Your lawyes should be involved WITH the formal separation agreement. Don't do it on your own.


----------



## keko (Mar 21, 2012)

She's too deep in her fantasy. Don't expect any logical actions from her until she hits rock bottom and realizes her mistakes.


----------



## lonleyinlasvegas (Jul 3, 2012)

Bandit, I do plan to have my lawyer review the seperation agreement before it goes to her. "transmuation" is a new legal term I learned painfully today..


----------



## lonleyinlasvegas (Jul 3, 2012)

Keko, she has been acting without logic for two months now, clearly she fell head over heels for this guy..I have never seen her in 12 years make so many por decisions so incredibly fast. I am stunned and was blindsided.
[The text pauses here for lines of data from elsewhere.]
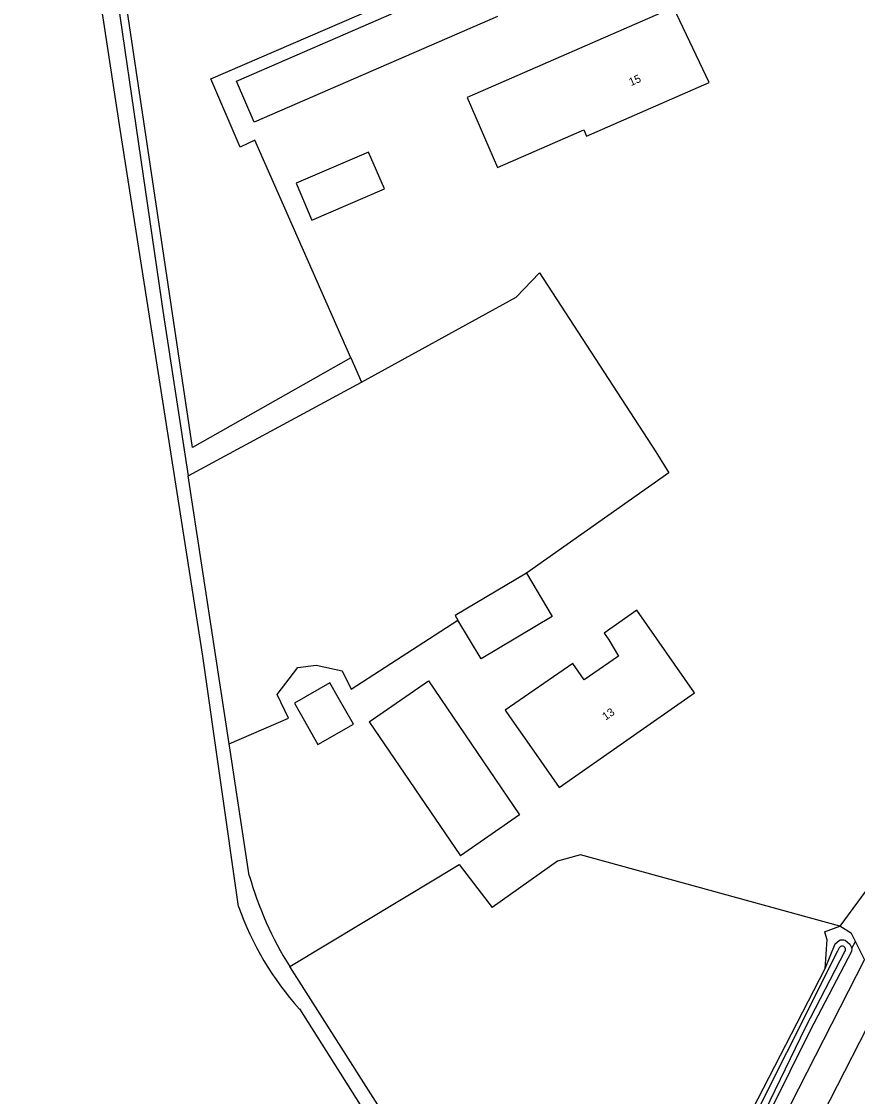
# Model space of a CAD drawing. Extents: x 141000 to 143000, y 400580 to 403500.
# Drawn here: x 141613.6 to 141718.1, y 403010.7 to 403145 of the extents above; entities that cross this region are included whole.
import ezdxf

# ---------------------------------------------------------------- set-up
doc = ezdxf.new("R2010")
doc.units = 0
for name, color, linetype in [('gg-afsc-draadraster', 7, 'Continuous'), ('gg-anno-huisnummerreeks BGT', 7, 'Continuous'), ('gg-bbg-bijgebouw', 7, 'Continuous'), ('gg-bbg-gedigitaliseerde bijgebouw', 7, 'Continuous'), ('gg-bbg-hoofdgebouw', 7, 'Continuous'), ('gg-bbg-luifel en loopbrug', 7, 'Continuous'), ('gg-knt-bronhoudergrens', 7, 'Continuous'), ('gg-knt-verharding', 7, 'Continuous'), ('gg-kntw-bovenkant insteek waterloop', 7, 'Continuous'), ('gg-kntw-waterlijn', 7, 'Continuous'), ('gt-grn-groengrens', 7, 'Continuous')]:
    doc.layers.add(name, color=color, linetype=linetype)

msp = doc.modelspace()

# ---------------------------------------------------------------- linework, layer by layer
at = {"layer": 'gg-afsc-draadraster'}
msp.add_line((141713.99, 403026.62), (141688.28, 402976.92), dxfattribs=at)
msp.add_lwpolyline([(141713.95, 403031.23), (141714.23, 403030.27), (141713.99, 403026.62)], dxfattribs=at)
at = {"layer": 'gg-bbg-bijgebouw'}
for points in [[(141673.08, 403145.62), (141642.64, 403132.39), (141640.43, 403137.54), (141670.57, 403150.63)], [(141676.67, 403076.07), (141667.78, 403070.76), (141668.12, 403070.2)], [(141676.67, 403076.07), (141679.9, 403070.66), (141671.01, 403065.36), (141668.12, 403070.2)], [(141653.16, 403060.51), (141652.12, 403062.35), (141647.68, 403059.83), (141648.39, 403058.56)], [(141648.39, 403058.56), (141650.6, 403054.66), (141655.05, 403057.18), (141653.16, 403060.51)]]:
    msp.add_lwpolyline(points, dxfattribs=at)
at = {"layer": 'gg-bbg-gedigitaliseerde bijgebouw'}
msp.add_line((141657.02, 403057.46), (141668.42, 403040.74), dxfattribs=at)
msp.add_lwpolyline([(141657.02, 403057.46), (141664.42, 403062.59), (141675.82, 403045.87), (141668.42, 403040.74)], dxfattribs=at)
at = {"layer": 'gg-bbg-hoofdgebouw'}
for points in [[(141673.07, 403126.74), (141683.85, 403131.43), (141684.18, 403130.66), (141699.52, 403137.35), (141695.07, 403146.73), (141669.27, 403135.48), (141673.07, 403126.74)], [(141682.49, 403064.75), (141674.03, 403058.95), (141674.57, 403058.15), (141677.89, 403053.39), (141680.75, 403049.29), (141697.69, 403061.09), (141690.49, 403071.43), (141686.39, 403068.57), (141686.98, 403067.73), (141688.2, 403065.67), (141683.89, 403062.71), (141682.49, 403064.75)]]:
    msp.add_lwpolyline(points, dxfattribs=at)
at = {"layer": 'gg-bbg-luifel en loopbrug'}
msp.add_lwpolyline([(141656.94, 403128.67), (141647.88, 403124.77), (141649.85, 403120.18), (141658.92, 403124.08), (141656.94, 403128.67)], dxfattribs=at)
at = {"layer": 'gg-knt-bronhoudergrens'}
for p in [(141654.73, 403102.94), (141634.38, 403088.22)]:
    msp.add_line(p, (141656.06, 403099.93), dxfattribs=at)
for points in [[(141654.73, 403102.94), (141634.94, 403091.76), (141616.15, 403217.64), (141674.51, 403229.38)], [(141654.73, 403102.94), (141642.73, 403130.14), (141640.91, 403129.3), (141637.23, 403137.84), (141657.61, 403146.59), (141653.62, 403158.13), (141633.01, 403151.17), (141629.1, 403162.73), (141655.24, 403172.36), (141659.18, 403161.13), (141690.34, 403171.52), (141691.99, 403172.11), (141691.61, 403174.34), (141694.24, 403175.31), (141686.11, 403197.59), (141674.51, 403229.38)], [(141656.06, 403099.93), (141675.4, 403110.56), (141678.33, 403113.59), (141692.84, 403091.22), (141694.48, 403088.58), (141676.67, 403076.07)], [(141639.52, 403054.71), (141646.93, 403057.93), (141645.53, 403060.9), (141648.11, 403064.26), (141650.39, 403064.56), (141653.63, 403063.84), (141654.79, 403061.56), (141668.12, 403070.2)], [(141715.87, 403031.94), (141683.42, 403040.88), (141680.57, 403040.09), (141672.41, 403034.3)], [(141647.1, 403026.91), (141665.51, 403038), (141668.27, 403039.67), (141672.41, 403034.3)]]:
    msp.add_lwpolyline(points, dxfattribs=at)
at = {"layer": 'gg-knt-verharding'}
for p, q in [((141719.1, 403036.35), (141715.87, 403031.94)), ((141716.2, 403031.73), (141715.87, 403031.94)), ((141713.71, 403008.47), (141724.6, 403029.76)), ((141718.93, 403027.79), (141717.81, 403030.04)), ((141718.93, 403027.79), (141689.37, 402969.99))]:
    msp.add_line(p, q, dxfattribs=at)
msp.add_lwpolyline([(141717.81, 403030.04), (141717.72, 403030.21), (141717.31, 403031.05), (141716.2, 403031.73)], dxfattribs=at)
at = {"layer": 'gg-kntw-bovenkant insteek waterloop'}
for p, q in [((141639.52, 403054.71), (141634.38, 403088.22)), ((141715.21, 403029.72), (141713.99, 403026.62))]:
    msp.add_line(p, q, dxfattribs=at)
for points in [[(141640.68, 403034.41), (141636.21, 403065.69), (141625.9, 403131.54), (141617, 403189.96), (141613.56, 403216.44)], [(141620.52, 403181.61), (141622.42, 403169.14), (141631.3, 403108.29), (141634.38, 403088.22)], [(141642.04, 403038.29), (141639.64, 403053.95), (141639.52, 403054.71)], [(141717.37, 403029.19), (141717.31, 403028.8), (141712.14, 403018.92), (141704.49, 403003.47), (141696.46, 402988.14), (141690.84, 402976.65), (141690.51, 402976.04)], [(141715.21, 403029.72), (141715.55, 403030.01), (141715.9, 403030.23), (141716.33, 403030.25), (141716.52, 403030.19), (141717.11, 403029.7), (141717.37, 403029.19)], [(141684.09, 402969), (141663.63, 403000.93), (141647.1, 403026.91)], [(141648.3, 403021.6), (141683, 402966.71), (141683.3, 402966.34)]]:
    msp.add_lwpolyline(points, dxfattribs=at)
for centre, radius, start, end in [((141683.35, 403049.82), 42.89, 195.5906, 212.2868), ((141677.01, 403047.34), 38.56, 199.5926, 221.8841)]:
    msp.add_arc(centre, radius, start, end, dxfattribs=at)
at = {"layer": 'gg-kntw-waterlijn'}
for points in [[(141715.78, 403029.25), (141715.55, 403028.84), (141702.82, 403003.43), (141689.37, 402977.2)], [(141716.49, 403028.81), (141711.5, 403019.25), (141703.99, 403003.65), (141695.81, 402988.47), (141690.04, 402976.67)]]:
    msp.add_lwpolyline(points, dxfattribs=at)
msp.add_arc((141716.14, 403029.03), 0.42, 328.111, 148.4418, dxfattribs=at)
at = {"layer": 'gt-grn-groengrens'}
for p, q in [((141713.95, 403031.23), (141715.87, 403031.94)), ((141717.37, 403029.19), (141717.81, 403030.04))]:
    msp.add_line(p, q, dxfattribs=at)

# ---------------------------------------------------------------- texts
at = {"layer": 'gg-anno-huisnummerreeks BGT'}
for s, rotation, p in [('15', 23.6, (141689.74, 403136.9)), ('13', 34.9, (141686.58, 403057.62))]:
    msp.add_text(s, height=1, rotation=rotation, dxfattribs=at).set_placement(p)

doc.saveas('drawing.dxf')

Sure our marriage was not perfect, but I was never unfaithfull..


----------



## Shaggy (Jul 17, 2011)

So in her perfect world, she returns to town, you pay for her to have her own place, and she gets to centinue seeking a relationship with the OM.

I can't see that working out to well for you. Not at all,
_Posted via Mobile Device_


----------



## lonleyinlasvegas (Jul 3, 2012)

Shaggy, I agree. That is a dealbreaker. Either she makes a honest and sincere attempt to reconcile, or I will file for divorce asap.


----------



## bandit.45 (Feb 8, 2012)

She's not going to.

Sorry brother, but you cannot compete against the other man. He is her fantasy... you are her humdrum, real life ball and chain...

File.


----------



## happyman64 (Jan 12, 2012)

What is transmuation?
_Posted via Mobile Device_


----------



## lonleyinlasvegas (Jul 3, 2012)

A property settlement involves the property that the couple obtained either before marriage or during marriage. The agreement also may include such issues as maintenance (otherwise known as Alimony) payments to one spouse or even custody of the children.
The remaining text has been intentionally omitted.